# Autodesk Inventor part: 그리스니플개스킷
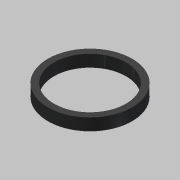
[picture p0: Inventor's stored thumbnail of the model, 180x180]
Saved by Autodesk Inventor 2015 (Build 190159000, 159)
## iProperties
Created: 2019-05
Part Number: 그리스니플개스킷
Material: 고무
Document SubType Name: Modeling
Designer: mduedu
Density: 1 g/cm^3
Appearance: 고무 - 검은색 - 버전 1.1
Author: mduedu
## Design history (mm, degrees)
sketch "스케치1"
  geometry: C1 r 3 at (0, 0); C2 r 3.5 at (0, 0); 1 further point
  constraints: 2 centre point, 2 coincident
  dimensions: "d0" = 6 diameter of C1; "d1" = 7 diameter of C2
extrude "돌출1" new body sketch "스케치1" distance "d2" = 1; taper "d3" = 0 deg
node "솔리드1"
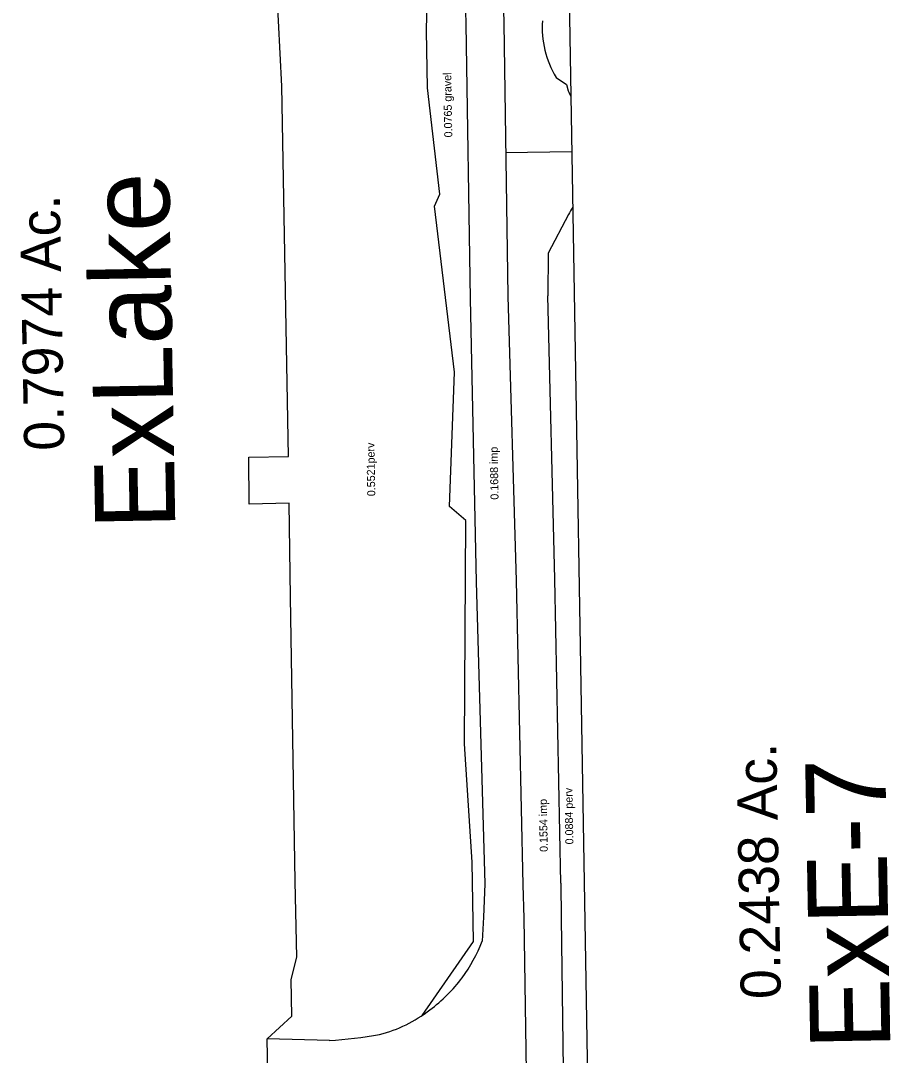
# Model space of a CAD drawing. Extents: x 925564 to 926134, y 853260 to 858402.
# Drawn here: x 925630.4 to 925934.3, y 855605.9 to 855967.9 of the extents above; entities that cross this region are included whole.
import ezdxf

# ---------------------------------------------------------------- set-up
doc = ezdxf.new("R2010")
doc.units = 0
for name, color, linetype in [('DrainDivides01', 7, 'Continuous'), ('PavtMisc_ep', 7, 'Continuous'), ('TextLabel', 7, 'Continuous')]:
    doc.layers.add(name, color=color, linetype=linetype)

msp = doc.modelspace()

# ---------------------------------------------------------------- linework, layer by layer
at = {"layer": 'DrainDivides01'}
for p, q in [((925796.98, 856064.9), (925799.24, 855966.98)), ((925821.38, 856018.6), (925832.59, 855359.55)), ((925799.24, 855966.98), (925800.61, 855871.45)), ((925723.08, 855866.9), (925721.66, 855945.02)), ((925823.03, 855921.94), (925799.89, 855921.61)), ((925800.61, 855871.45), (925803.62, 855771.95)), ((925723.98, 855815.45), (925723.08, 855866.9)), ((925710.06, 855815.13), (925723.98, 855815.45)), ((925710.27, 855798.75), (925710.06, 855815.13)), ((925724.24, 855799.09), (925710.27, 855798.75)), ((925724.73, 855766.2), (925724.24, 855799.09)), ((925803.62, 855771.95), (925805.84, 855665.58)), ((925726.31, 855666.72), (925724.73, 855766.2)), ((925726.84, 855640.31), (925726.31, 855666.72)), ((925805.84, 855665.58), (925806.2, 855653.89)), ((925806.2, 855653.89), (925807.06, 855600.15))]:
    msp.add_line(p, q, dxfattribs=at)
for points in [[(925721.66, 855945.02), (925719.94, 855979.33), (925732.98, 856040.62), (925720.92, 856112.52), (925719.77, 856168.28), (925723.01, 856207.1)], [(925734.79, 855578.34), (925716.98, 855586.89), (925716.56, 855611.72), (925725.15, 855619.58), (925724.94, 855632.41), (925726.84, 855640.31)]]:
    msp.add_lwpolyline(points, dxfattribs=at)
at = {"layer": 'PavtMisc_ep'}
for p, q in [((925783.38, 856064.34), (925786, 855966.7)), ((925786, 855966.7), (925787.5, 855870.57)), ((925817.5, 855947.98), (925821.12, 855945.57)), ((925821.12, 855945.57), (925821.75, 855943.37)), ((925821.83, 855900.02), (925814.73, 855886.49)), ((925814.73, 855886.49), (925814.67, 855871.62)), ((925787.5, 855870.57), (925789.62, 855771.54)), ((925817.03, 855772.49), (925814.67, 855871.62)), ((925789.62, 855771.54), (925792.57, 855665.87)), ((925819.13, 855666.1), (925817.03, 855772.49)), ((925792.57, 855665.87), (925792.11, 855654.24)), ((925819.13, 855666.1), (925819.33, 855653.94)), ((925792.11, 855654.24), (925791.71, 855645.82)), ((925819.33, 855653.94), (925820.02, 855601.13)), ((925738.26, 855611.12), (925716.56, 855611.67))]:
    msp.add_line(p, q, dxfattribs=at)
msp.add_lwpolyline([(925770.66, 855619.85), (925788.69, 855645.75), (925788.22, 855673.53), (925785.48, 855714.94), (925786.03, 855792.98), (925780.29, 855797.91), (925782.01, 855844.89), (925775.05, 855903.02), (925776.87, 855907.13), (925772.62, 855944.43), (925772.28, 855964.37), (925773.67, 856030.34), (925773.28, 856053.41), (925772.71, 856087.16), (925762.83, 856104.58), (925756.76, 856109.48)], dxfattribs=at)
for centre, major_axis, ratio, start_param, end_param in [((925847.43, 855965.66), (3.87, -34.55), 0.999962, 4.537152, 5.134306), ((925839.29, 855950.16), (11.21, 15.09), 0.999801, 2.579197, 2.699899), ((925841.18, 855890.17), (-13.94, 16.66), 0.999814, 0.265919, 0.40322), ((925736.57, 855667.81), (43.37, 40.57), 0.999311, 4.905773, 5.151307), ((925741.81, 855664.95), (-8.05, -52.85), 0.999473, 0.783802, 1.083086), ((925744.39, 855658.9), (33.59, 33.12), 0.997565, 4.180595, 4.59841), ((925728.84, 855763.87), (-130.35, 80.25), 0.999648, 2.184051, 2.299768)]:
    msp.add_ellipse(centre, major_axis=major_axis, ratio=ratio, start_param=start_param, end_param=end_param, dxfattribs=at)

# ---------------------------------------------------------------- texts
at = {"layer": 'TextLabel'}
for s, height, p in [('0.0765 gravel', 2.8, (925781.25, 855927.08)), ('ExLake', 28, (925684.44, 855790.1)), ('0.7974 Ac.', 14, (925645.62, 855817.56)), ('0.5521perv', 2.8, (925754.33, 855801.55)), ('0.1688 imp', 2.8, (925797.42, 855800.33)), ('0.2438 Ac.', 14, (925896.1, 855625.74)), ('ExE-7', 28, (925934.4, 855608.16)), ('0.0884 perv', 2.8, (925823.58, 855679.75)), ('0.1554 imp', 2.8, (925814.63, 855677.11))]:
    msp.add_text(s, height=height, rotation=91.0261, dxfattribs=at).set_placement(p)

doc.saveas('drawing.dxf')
════════════════════
● **Assigned task**
Reproduce, word for word and in full, only the lines above that start at the line with "for name, color, linetype" and run through the line with "msp = doc.modelspace()", both ends included.

● **Task response**
for name, color, linetype in [('DrainDivides01', 7, 'Continuous'), ('PavtMisc_ep', 7, 'Continuous'), ('TextLabel', 7, 'Continuous')]:
    doc.layers.add(name, color=color, linetype=linetype)

msp = doc.modelspace()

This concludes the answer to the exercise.